[Saved entries]
»»

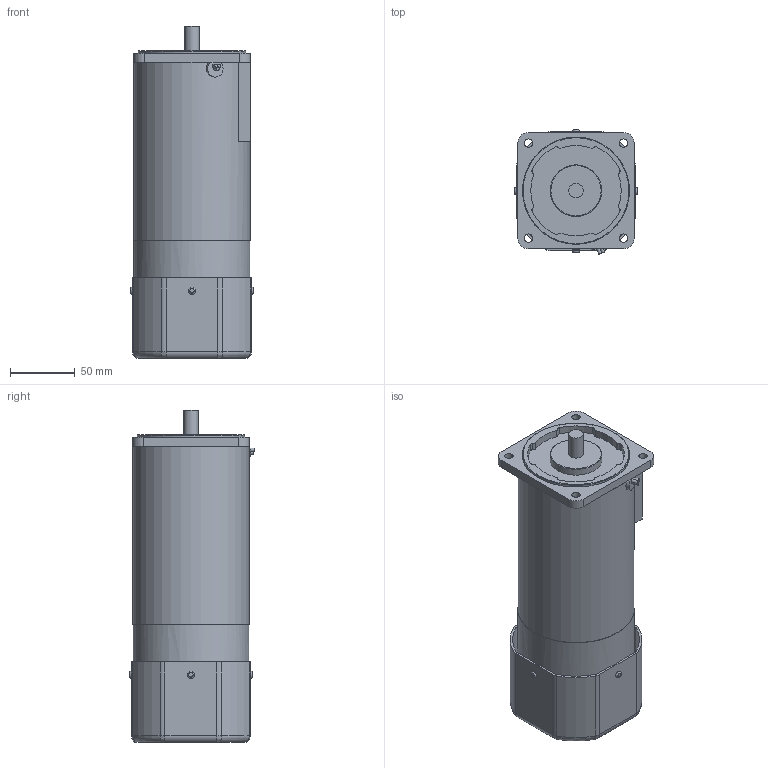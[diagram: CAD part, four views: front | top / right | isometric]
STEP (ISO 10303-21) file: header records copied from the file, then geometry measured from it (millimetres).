
FILE_DESCRIPTION((''),'2;1');
FILE_NAME('E:\2공장-도면\3D\표준형 3D(민규)\step file\D\K9RP180Fㅁ-D.stp','2014-11-17T11:07:49',('AHN'),(''),'Autodesk Inventor 2012','Autodesk Inventor 2012','');
FILE_SCHEMA(('CONFIG_CONTROL_DESIGN'));
Length unit declared in the file: millimetre
Products named in the file (1): K9RP180Fㅁ-D
Bounding box: 95 x 96.71 x 257 mm (x, y, z)
Volume: 1455289.2 mm3; surface area: 127063.1 mm2
Topology: 1 solids, 1 shells, 237 faces, 592 edges, 364 vertices
Faces by surface type: cylinder 121, plane 70, torus 38, bspline 8
Full cylindrical faces by diameter (mm): 6.5 x4, 8 x4, 11.3 x1, 40 x1, 83 x1, 89.8 x1, 90 x2
Entity records: 7658 total; most frequent: CARTESIAN_POINT 1980, DIRECTION 1223, ORIENTED_EDGE 1128, EDGE_CURVE 564, AXIS2_PLACEMENT_3D 486, VERTEX_POINT 356, EDGE_LOOP 305, CIRCLE 256

««

The result should be all the records, retyped exactly, with no pictures among them.

[diagram: CAD part, four views: front | top / right | isometric]
STEP (ISO 10303-21) file: header records copied from the file, then geometry measured from it (millimetres).
FILE_DESCRIPTION((''),'2;1');
FILE_NAME('E:\2공장-도면\3D\표준형 3D(민규)\step file\D\K9RP180Fㅁ-D.stp','2014-11-17T11:07:49',('AHN'),(''),'Autodesk Inventor 2012','Autodesk Inventor 2012','');
FILE_SCHEMA(('CONFIG_CONTROL_DESIGN'));
Length unit declared in the file: millimetre
Products named in the file (1): K9RP180Fㅁ-D
Bounding box: 95 x 96.71 x 257 mm (x, y, z)
Volume: 1455289.2 mm3; surface area: 127063.1 mm2
Topology: 1 solids, 1 shells, 237 faces, 592 edges, 364 vertices
Faces by surface type: cylinder 121, plane 70, torus 38, bspline 8
Full cylindrical faces by diameter (mm): 6.5 x4, 8 x4, 11.3 x1, 40 x1, 83 x1, 89.8 x1, 90 x2
Entity records: 7658 total; most frequent: CARTESIAN_POINT 1980, DIRECTION 1223, ORIENTED_EDGE 1128, EDGE_CURVE 564, AXIS2_PLACEMENT_3D 486, VERTEX_POINT 356, EDGE_LOOP 305, CIRCLE 256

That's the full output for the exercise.